104  

Вадима густеющий полумрак раздражал, и он, не спрашивая разрешения (а чего ради?), повернул фарфоровую головку выключателя. Впрочем, это только в русском языке – «выключатель», на всех остальных языках, в том числе и на идиш, – «включатель». Интересная семантика.

Что за посторонняя ерунда все время лезет в голову?

Яркий свет люстры подтвердил, что генерал Залкинд в самом деле старик, причем глубокий. И в то же время выглядел он удивительно хорошо. Как бывает с нормальными покойниками. Перед смертью – смотреть тяжело, а в гробу вдруг на короткие часы будто вдруг «молодеет», разглаживаются морщины, исчезает печать болезни и страдания. Так и тут.

Это же про себя отметил и Розенцвейг.

Значит, подумал Вадим, Григорий Львович-таки сделал то, о чем едва ли не в шутку они говорили на катере. Начал формировать свою «пятую колонну». Ну-ну.

Он закинул автомат за спину, но на предохранитель не поставил. Мало ли? И «Дезерт» в расстегнутой кобуре на левом боку придавал уверенности. Вадим сел в кресло наискось от Залкинда, с видом как можно более безразличным. И не такое, мол, видали.

А генерал, соскучившись по общению, излагал свою историю. Недолгую, впрочем.

Умер он наутро после визита Розенцвейга. Сравнительно легко. Слабое, еле сокращавшееся сердце вдруг затрепетало, будто птица, зажатая в кулаке, не на своем обычном месте, а где-то под горлом. Пальцам рук и ног стало невыносимо холодно, глаза перестали видеть, а мысль прояснилась, очистившись от эмоций.

И время будто остановилось, продолжая при этом свое течение, но по-другому. Стало безразмерным. Всей своей жизни разом он отнюдь не увидел, зато успел повторить про себя все, услышанное от Розенцвейга, неторопливо и здраво рассчитать предстоящие после смерти действия. И как только решил, что готов, – умер, не закрывая невидящих глаз.

– Хотя и не стану настаивать, что все было именно так. Возможно, умер раньше, когда вдруг замигали лампочки на панелях кардиографа и прочих аппаратов, послышался тихий, тающий звон, и я увидел вбегающую в палату сиделку. В следующее мгновение ее не стало. Сиделки. В палате все было точно так же, но удивительно пусто и холодно. Я полежал немного, ожидая, когда вновь появится она или дежурный врач. В это время и успел обо всем подумать. Никто не приходил, и ничего больше не происходило. Я решил – вот все и случилось. Собрался с духом и сел. Ничего не болело…

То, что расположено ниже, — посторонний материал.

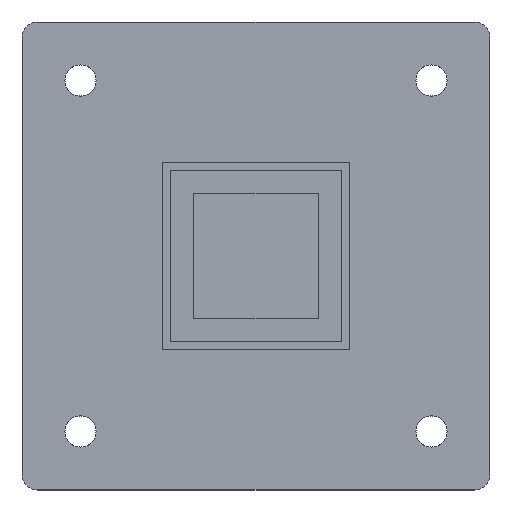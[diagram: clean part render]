
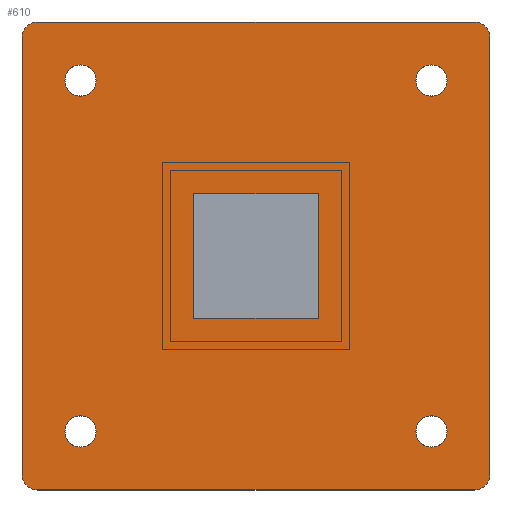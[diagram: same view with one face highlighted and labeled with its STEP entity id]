
A CAD part, top view. The second image highlights one B-rep face of the part: STEP entity #610.
In plain terms, the highlighted planar face has unit normal (0, 0, 1).
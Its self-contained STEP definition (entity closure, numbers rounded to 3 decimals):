
#252 = VERTEX_POINT( '', #717 );
#260 = VERTEX_POINT( '', #726 );
#262 = EDGE_CURVE( '', #290, #432, #728, .T. );
#274 = VERTEX_POINT( '', #740 );
#280 = EDGE_CURVE( '', #308, #290, #747, .T. );
#290 = VERTEX_POINT( '', #761 );
#302 = EDGE_CURVE( '', #316, #308, #774, .T. );
#308 = VERTEX_POINT( '', #781 );
#312 = EDGE_CURVE( '', #334, #316, #785, .T. );
#316 = VERTEX_POINT( '', #789 );
#326 = EDGE_CURVE( '', #356, #334, #800, .T. );
#334 = VERTEX_POINT( '', #810 );
#338 = VERTEX_POINT( '', #814 );
#346 = EDGE_CURVE( '', #374, #356, #822, .T. );
#352 = VERTEX_POINT( '', #829 );
#356 = VERTEX_POINT( '', #833 );
#362 = EDGE_CURVE( '', #418, #374, #839, .T. );
#364 = VERTEX_POINT( '', #841 );
#374 = VERTEX_POINT( '', #853 );
#400 = VERTEX_POINT( '', #883 );
#402 = EDGE_CURVE( '', #432, #418, #885, .T. );
#408 = EDGE_CURVE( '', #274, #474, #894, .T. );
#418 = VERTEX_POINT( '', #904 );
#428 = EDGE_CURVE( '', #338, #400, #915, .T. );
#432 = VERTEX_POINT( '', #919 );
#440 = EDGE_CURVE( '', #400, #338, #933, .T. );
#452 = EDGE_CURVE( '', #260, #252, #946, .T. );
#464 = EDGE_CURVE( '', #474, #274, #961, .T. );
#466 = EDGE_CURVE( '', #352, #364, #963, .T. );
#472 = EDGE_CURVE( '', #502, #580, #969, .T. );
#474 = VERTEX_POINT( '', #971 );
#480 = EDGE_CURVE( '', #252, #260, #978, .T. );
#498 = EDGE_CURVE( '', #524, #502, #997, .T. );
#502 = VERTEX_POINT( '', #1001 );
#518 = EDGE_CURVE( '', #570, #524, #1019, .T. );
#524 = VERTEX_POINT( '', #1025 );
#570 = VERTEX_POINT( '', #1074 );
#572 = EDGE_CURVE( '', #580, #570, #1076, .T. );
#580 = VERTEX_POINT( '', #1085 );
#610 = ADVANCED_FACE( '', ( #1116, #1117, #1118, #1119, #1120, #1121 ), #1122, .T. );
#694 = EDGE_CURVE( '', #364, #352, #1214, .T. );
#717 = CARTESIAN_POINT( '', ( 20.5, 22.5, 0. ) );
#726 = CARTESIAN_POINT( '', ( 24.5, 22.5, 0. ) );
#728 = CIRCLE( '', #1240, 2. );
#740 = CARTESIAN_POINT( '', ( -24.5, -22.5, 0. ) );
#747 = LINE( '', #1265, #1266 );
#761 = CARTESIAN_POINT( '', ( -28., -30., 0. ) );
#774 = CIRCLE( '', #1300, 2. );
#781 = CARTESIAN_POINT( '', ( 28., -30., 0. ) );
#785 = LINE( '', #1316, #1317 );
#789 = CARTESIAN_POINT( '', ( 30., -28., 0. ) );
#800 = CIRCLE( '', #1341, 2. );
#810 = CARTESIAN_POINT( '', ( 30., 28., 0. ) );
#814 = CARTESIAN_POINT( '', ( 20.5, -22.5, 0. ) );
#822 = LINE( '', #1368, #1369 );
#829 = CARTESIAN_POINT( '', ( -20.5, 22.5, 0. ) );
#833 = CARTESIAN_POINT( '', ( 28., 30., 0. ) );
#839 = CIRCLE( '', #1393, 2. );
#841 = CARTESIAN_POINT( '', ( -24.5, 22.5, 0. ) );
#853 = CARTESIAN_POINT( '', ( -28., 30., 0. ) );
#883 = CARTESIAN_POINT( '', ( 24.5, -22.5, 0. ) );
#885 = LINE( '', #1455, #1456 );
#894 = CIRCLE( '', #1466, 2. );
#904 = CARTESIAN_POINT( '', ( -30., 28., 0. ) );
#915 = CIRCLE( '', #1496, 2. );
#919 = CARTESIAN_POINT( '', ( -30., -28., 0. ) );
#933 = CIRCLE( '', #1519, 2. );
#946 = CIRCLE( '', #1537, 2. );
#961 = CIRCLE( '', #1557, 2. );
#963 = CIRCLE( '', #1560, 2. );
#969 = LINE( '', #1569, #1570 );
#971 = CARTESIAN_POINT( '', ( -20.5, -22.5, 0. ) );
#978 = CIRCLE( '', #1582, 2. );
#997 = LINE( '', #1612, #1613 );
#1001 = CARTESIAN_POINT( '', ( 8., 8., 0. ) );
#1019 = LINE( '', #1642, #1643 );
#1025 = CARTESIAN_POINT( '', ( -8., 8., 0. ) );
#1074 = CARTESIAN_POINT( '', ( -8., -8., 0. ) );
#1076 = LINE( '', #1723, #1724 );
#1085 = CARTESIAN_POINT( '', ( 8., -8., 0. ) );
#1116 = FACE_BOUND( '', #1783, .T. );
#1117 = FACE_OUTER_BOUND( '', #1784, .T. );
#1118 = FACE_BOUND( '', #1785, .T. );
#1119 = FACE_BOUND( '', #1786, .T. );
#1120 = FACE_BOUND( '', #1787, .T. );
#1121 = FACE_BOUND( '', #1788, .T. );
#1122 = PLANE( '', #1789 );
#1214 = CIRCLE( '', #1915, 2. );
#1240 = AXIS2_PLACEMENT_3D( '', #1936, #1937, #1938 );
#1265 = CARTESIAN_POINT( '', ( -28., -30., 0. ) );
#1266 = VECTOR( '', #1951, 1. );
#1300 = AXIS2_PLACEMENT_3D( '', #1991, #1992, #1993 );
#1316 = CARTESIAN_POINT( '', ( 30., -28., 0. ) );
#1317 = VECTOR( '', #2004, 1. );
#1341 = AXIS2_PLACEMENT_3D( '', #2017, #2018, #2019 );
#1368 = CARTESIAN_POINT( '', ( 28., 30., 0. ) );
#1369 = VECTOR( '', #2038, 1. );
#1393 = AXIS2_PLACEMENT_3D( '', #2050, #2051, #2052 );
#1455 = CARTESIAN_POINT( '', ( -30., 28., 0. ) );
#1456 = VECTOR( '', #2107, 1. );
#1466 = AXIS2_PLACEMENT_3D( '', #2128, #2129, #2130 );
#1496 = AXIS2_PLACEMENT_3D( '', #2143, #2144, #2145 );
#1519 = AXIS2_PLACEMENT_3D( '', #2172, #2173, #2174 );
#1537 = AXIS2_PLACEMENT_3D( '', #2185, #2186, #2187 );
#1557 = AXIS2_PLACEMENT_3D( '', #2214, #2215, #2216 );
#1560 = AXIS2_PLACEMENT_3D( '', #2217, #2218, #2219 );
#1569 = CARTESIAN_POINT( '', ( 8., 4., 0. ) );
#1570 = VECTOR( '', #2221, 1. );
#1582 = AXIS2_PLACEMENT_3D( '', #2231, #2232, #2233 );
#1612 = CARTESIAN_POINT( '', ( -4., 8., 0. ) );
#1613 = VECTOR( '', #2252, 1. );
#1642 = CARTESIAN_POINT( '', ( -8., -4., 0. ) );
#1643 = VECTOR( '', #2272, 1. );
#1723 = CARTESIAN_POINT( '', ( 4., -8., 0. ) );
#1724 = VECTOR( '', #2313, 1. );
#1783 = EDGE_LOOP( '', ( #2348, #2349, #2350, #2351 ) );
#1784 = EDGE_LOOP( '', ( #2352, #2353, #2354, #2355, #2356, #2357, #2358, #2359 ) );
#1785 = EDGE_LOOP( '', ( #2360, #2361 ) );
#1786 = EDGE_LOOP( '', ( #2362, #2363 ) );
#1787 = EDGE_LOOP( '', ( #2364, #2365 ) );
#1788 = EDGE_LOOP( '', ( #2366, #2367 ) );
#1789 = AXIS2_PLACEMENT_3D( '', #2368, #2369, #2370 );
#1915 = AXIS2_PLACEMENT_3D( '', #2459, #2460, #2461 );
#1936 = CARTESIAN_POINT( '', ( -28., -28., 0. ) );
#1937 = DIRECTION( '', ( 0., 0., -1. ) );
#1938 = DIRECTION( '', ( -1., 0., 0. ) );
#1951 = DIRECTION( '', ( -1., 0., 0. ) );
#1991 = CARTESIAN_POINT( '', ( 28., -28., 0. ) );
#1992 = DIRECTION( '', ( 0., 0., -1. ) );
#1993 = DIRECTION( '', ( 0., -1., 0. ) );
#2004 = DIRECTION( '', ( 0., -1., 0. ) );
#2017 = CARTESIAN_POINT( '', ( 28., 28., 0. ) );
#2018 = DIRECTION( '', ( 0., 0., -1. ) );
#2019 = DIRECTION( '', ( 1., 0., 0. ) );
#2038 = DIRECTION( '', ( 1., 0., 0. ) );
#2050 = CARTESIAN_POINT( '', ( -28., 28., 0. ) );
#2051 = DIRECTION( '', ( 0., 0., -1. ) );
#2052 = DIRECTION( '', ( 0., 1., 0. ) );
#2107 = DIRECTION( '', ( 0., 1., 0. ) );
#2128 = CARTESIAN_POINT( '', ( -22.5, -22.5, 0. ) );
#2129 = DIRECTION( '', ( 0., 0., 1. ) );
#2130 = DIRECTION( '', ( 1., 0., 0. ) );
#2143 = CARTESIAN_POINT( '', ( 22.5, -22.5, 0. ) );
#2144 = DIRECTION( '', ( 0., 0., 1. ) );
#2145 = DIRECTION( '', ( 1., 0., 0. ) );
#2172 = CARTESIAN_POINT( '', ( 22.5, -22.5, 0. ) );
#2173 = DIRECTION( '', ( 0., 0., 1. ) );
#2174 = DIRECTION( '', ( 1., 0., 0. ) );
#2185 = CARTESIAN_POINT( '', ( 22.5, 22.5, 0. ) );
#2186 = DIRECTION( '', ( 0., 0., 1. ) );
#2187 = DIRECTION( '', ( 1., 0., 0. ) );
#2214 = CARTESIAN_POINT( '', ( -22.5, -22.5, 0. ) );
#2215 = DIRECTION( '', ( 0., 0., 1. ) );
#2216 = DIRECTION( '', ( 1., 0., 0. ) );
#2217 = CARTESIAN_POINT( '', ( -22.5, 22.5, 0. ) );
#2218 = DIRECTION( '', ( 0., 0., 1. ) );
#2219 = DIRECTION( '', ( 1., 0., 0. ) );
#2221 = DIRECTION( '', ( 0., -1., 0. ) );
#2231 = CARTESIAN_POINT( '', ( 22.5, 22.5, 0. ) );
#2232 = DIRECTION( '', ( 0., 0., 1. ) );
#2233 = DIRECTION( '', ( 1., 0., 0. ) );
#2252 = DIRECTION( '', ( 1., 0., 0. ) );
#2272 = DIRECTION( '', ( 0., 1., 0. ) );
#2313 = DIRECTION( '', ( -1., 0., 0. ) );
#2348 = ORIENTED_EDGE( '', *, *, #498, .T. );
#2349 = ORIENTED_EDGE( '', *, *, #472, .T. );
#2350 = ORIENTED_EDGE( '', *, *, #572, .T. );
#2351 = ORIENTED_EDGE( '', *, *, #518, .T. );
#2352 = ORIENTED_EDGE( '', *, *, #402, .F. );
#2353 = ORIENTED_EDGE( '', *, *, #262, .F. );
#2354 = ORIENTED_EDGE( '', *, *, #280, .F. );
#2355 = ORIENTED_EDGE( '', *, *, #302, .F. );
#2356 = ORIENTED_EDGE( '', *, *, #312, .F. );
#2357 = ORIENTED_EDGE( '', *, *, #326, .F. );
#2358 = ORIENTED_EDGE( '', *, *, #346, .F. );
#2359 = ORIENTED_EDGE( '', *, *, #362, .F. );
#2360 = ORIENTED_EDGE( '', *, *, #440, .F. );
#2361 = ORIENTED_EDGE( '', *, *, #428, .F. );
#2362 = ORIENTED_EDGE( '', *, *, #452, .F. );
#2363 = ORIENTED_EDGE( '', *, *, #480, .F. );
#2364 = ORIENTED_EDGE( '', *, *, #464, .F. );
#2365 = ORIENTED_EDGE( '', *, *, #408, .F. );
#2366 = ORIENTED_EDGE( '', *, *, #466, .F. );
#2367 = ORIENTED_EDGE( '', *, *, #694, .F. );
#2368 = CARTESIAN_POINT( '', ( 0., 0., 0. ) );
#2369 = DIRECTION( '', ( 0., 0., 1. ) );
#2370 = DIRECTION( '', ( 1., 0., 0. ) );
#2459 = CARTESIAN_POINT( '', ( -22.5, 22.5, 0. ) );
#2460 = DIRECTION( '', ( 0., 0., 1. ) );
#2461 = DIRECTION( '', ( 1., 0., 0. ) );
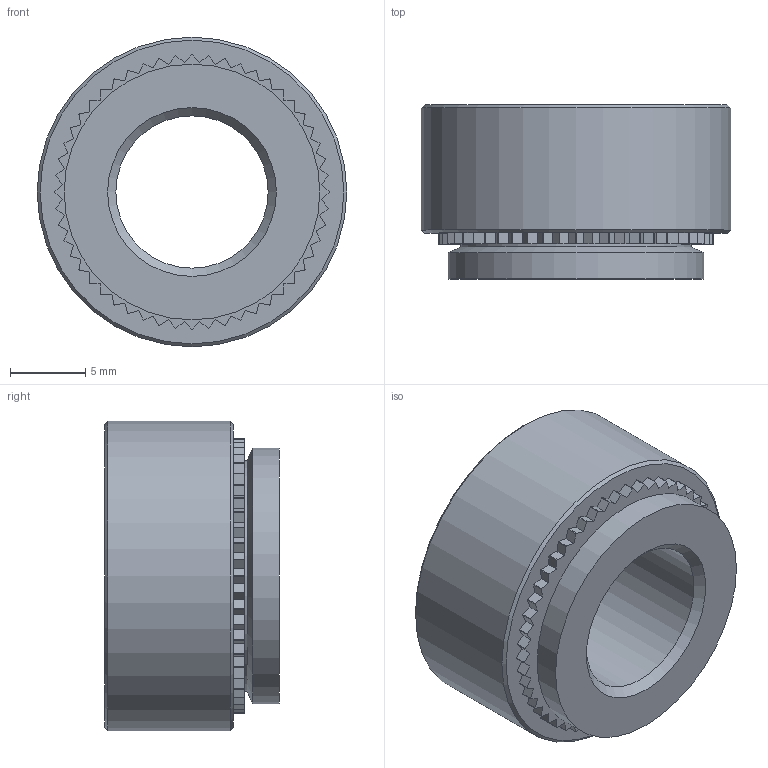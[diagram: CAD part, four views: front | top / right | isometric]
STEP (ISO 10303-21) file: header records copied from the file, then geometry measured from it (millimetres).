
FILE_DESCRIPTION(/* description */ (''),/* implementation_level */ '2;1');
FILE_NAME(/* name */ 'C:\Users\keval.kumar\Desktop\Fastit\Clinch nut\M12\Clinch Nut_M12_1.stp',/* time_stamp */ '2024-03-14T09:44:46+05:00',/* author */ ('keval.kumar'),/* organization */ (''),/* preprocessor_version */ 'ST-DEVELOPER v18.1',/* originating_system */ 'Autodesk Inventor 2022',/* authorisation */ '');
FILE_SCHEMA (('AUTOMOTIVE_DESIGN { 1 0 10303 214 3 1 1 }'));
Length unit declared in the file: millimetre
Products named in the file (1): Clinch Nut_M12_1
Bounding box: 20.55 x 11.55 x 20.55 mm (x, y, z)
Volume: 2568.6 mm3; surface area: 1629.8 mm2
Topology: 1 solids, 1 shells, 169 faces, 492 edges, 327 vertices
Faces by surface type: plane 108, cylinder 56, cone 5
Full cylindrical faces by diameter (mm): 10.106 x1, 15.3 x1, 16.97 x1, 20.55 x1
Entity records: 5628 total; most frequent: CARTESIAN_POINT 989, ORIENTED_EDGE 984, DIRECTION 951, EDGE_CURVE 492, LINE 373, VECTOR 373, VERTEX_POINT 327, AXIS2_PLACEMENT_3D 289
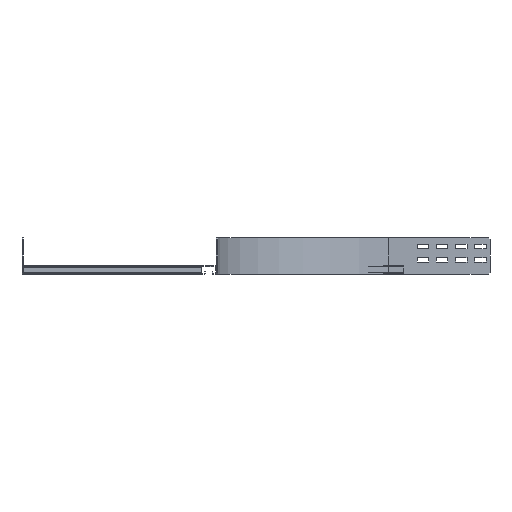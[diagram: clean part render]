
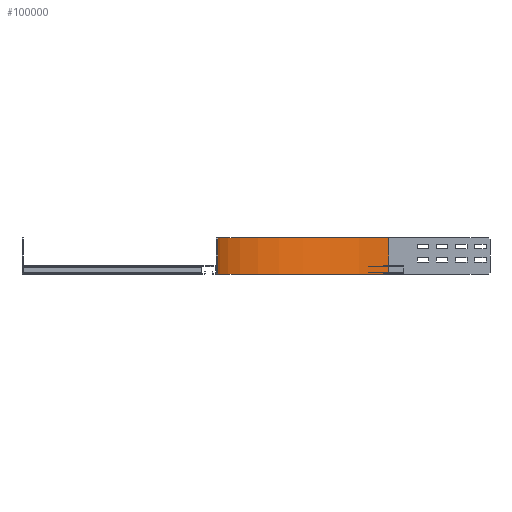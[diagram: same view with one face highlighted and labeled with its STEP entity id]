
A CAD part, left-side view. The second image highlights one B-rep face of the part: STEP entity #100000.
In plain terms, the highlighted cylindrical face has radius 447 mm (diameter 894 mm), a partial arc.
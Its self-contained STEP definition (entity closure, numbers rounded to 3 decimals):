
#78050=CARTESIAN_POINT('',(447.,-450.,-50.));
#78060=VERTEX_POINT('',#78050);
#78090=CARTESIAN_POINT('',(0.,-450.,-50.));
#78100=DIRECTION('',(0.,0.,1.));
#78110=DIRECTION('',(1.,0.,0.));
#78120=AXIS2_PLACEMENT_3D('',#78090,#78100,#78110);
#78130=CIRCLE('',#78120,447.);
#78140=CARTESIAN_POINT('',(0.,-3.,-50.));
#78150=VERTEX_POINT('',#78140);
#78160=EDGE_CURVE('',#78060,#78150,#78130,.T.);
#81560=CARTESIAN_POINT('',(0.,-3.,-145.));
#81570=VERTEX_POINT('',#81560);
#81600=CARTESIAN_POINT('',(0.,-450.,-145.));
#81610=DIRECTION('',(0.,0.,1.));
#81620=DIRECTION('',(1.,0.,0.));
#81630=AXIS2_PLACEMENT_3D('',#81600,#81610,#81620);
#81640=CIRCLE('',#81630,447.);
#81650=CARTESIAN_POINT('',(447.,-450.,-145.));
#81660=VERTEX_POINT('',#81650);
#81670=EDGE_CURVE('',#81660,#81570,#81640,.T.);
#85680=CARTESIAN_POINT('',(447.,-450.,0.));
#85690=DIRECTION('',(0.,0.,1.));
#85700=VECTOR('',#85690,1.);
#85710=LINE('',#85680,#85700);
#85720=EDGE_CURVE('',#81660,#78060,#85710,.T.);
#91380=CARTESIAN_POINT('',(0.,-3.,0.));
#91390=DIRECTION('',(0.,0.,1.));
#91400=VECTOR('',#91390,1.);
#91410=LINE('',#91380,#91400);
#91420=EDGE_CURVE('',#81570,#78150,#91410,.T.);
#99890=CARTESIAN_POINT('',(0.,-450.,0.));
#99900=DIRECTION('',(0.,0.,1.));
#99910=DIRECTION('',(1.,0.,0.));
#99920=AXIS2_PLACEMENT_3D('',#99890,#99900,#99910);
#99930=CYLINDRICAL_SURFACE('',#99920,447.);
#99940=ORIENTED_EDGE('',*,*,#78160,.T.);
#99950=ORIENTED_EDGE('',*,*,#85720,.T.);
#99960=ORIENTED_EDGE('',*,*,#81670,.F.);
#99970=ORIENTED_EDGE('',*,*,#91420,.F.);
#99980=EDGE_LOOP('',(#99970,#99960,#99950,#99940));
#99990=FACE_OUTER_BOUND('',#99980,.T.);
#100000=ADVANCED_FACE('',(#99990),#99930,.F.);

Ляхов подумал, что профессионал и есть профессионал. Как в России говорят: «Помирать собирайся, а рожь сей».

Поднявшись, Залкинд обошел свою палату, прислушиваясь к ощущениям. Чувствовал он себя совершенно нормально. По отношению к тому, что было совсем недавно. То есть как здоровый человек своего возраста. Не атлет, конечно, не тридцатилетний офицер коммандос, но все равно намного лучше, чем последние годы.

И, как выздоровевший после тяжелой болезни, ужасно хотел есть. Съел бы все, что угодно. Даже бачок больничной овсянки. А лучше всего – здоровенный, шкварчащий, истекающий соком говяжий бифштекс. Да и свиной, чего уж там, не до кашрута…

Описание того, как он бродил по больничным коридорам, добрался до кухни, попытался что-то съесть и убедился, что содержимое котлов и холодильников – сплошные муляжи и макеты, опустим.

Все до единой палаты трехэтажного госпиталя тоже были пусты. Он заглянул даже в морг. И там никого. За последние несколько дней он был первым, покинувшим здесь мир.

Голод крепчал, становясь невыносимым в полном смысле этого слова. А ведь, служа в спецподразделениях, будучи здоровым, крепким мужчиной, совершая физическую работу, какая и не снилась грузчикам и кузнецам, Борис Михайлович умел обходиться без пищи неделю, не теряя рассудка и боеспособности.

И тогда он просто пошел по указанному Розенцвейгом адресу. По пустым, знакомым с детства и одновременно удивительно чужим улицам, шлепая по асфальту больничными тапочками, совершенно голый, лишь перепоясав чресла простыней. Желая и одновременно страшась встретить себе подобных. Постепенно осваиваясь со своим новым положением и состоянием. Это лучше, чем быть смертельно больным, тем более бессмысленно мертвым, но – непривычно как-то. И, как бы там ни было – все равно жутковато-тоскливо.

Вдобавок никак не удавалось избавиться от ощущения, что он живой, в непристойном для генерала, да вообще почтенного пожилого человека виде, бредущий через центр столицы. Вот-вот появятся из-за угла полицейские, и что ты им будешь говорить?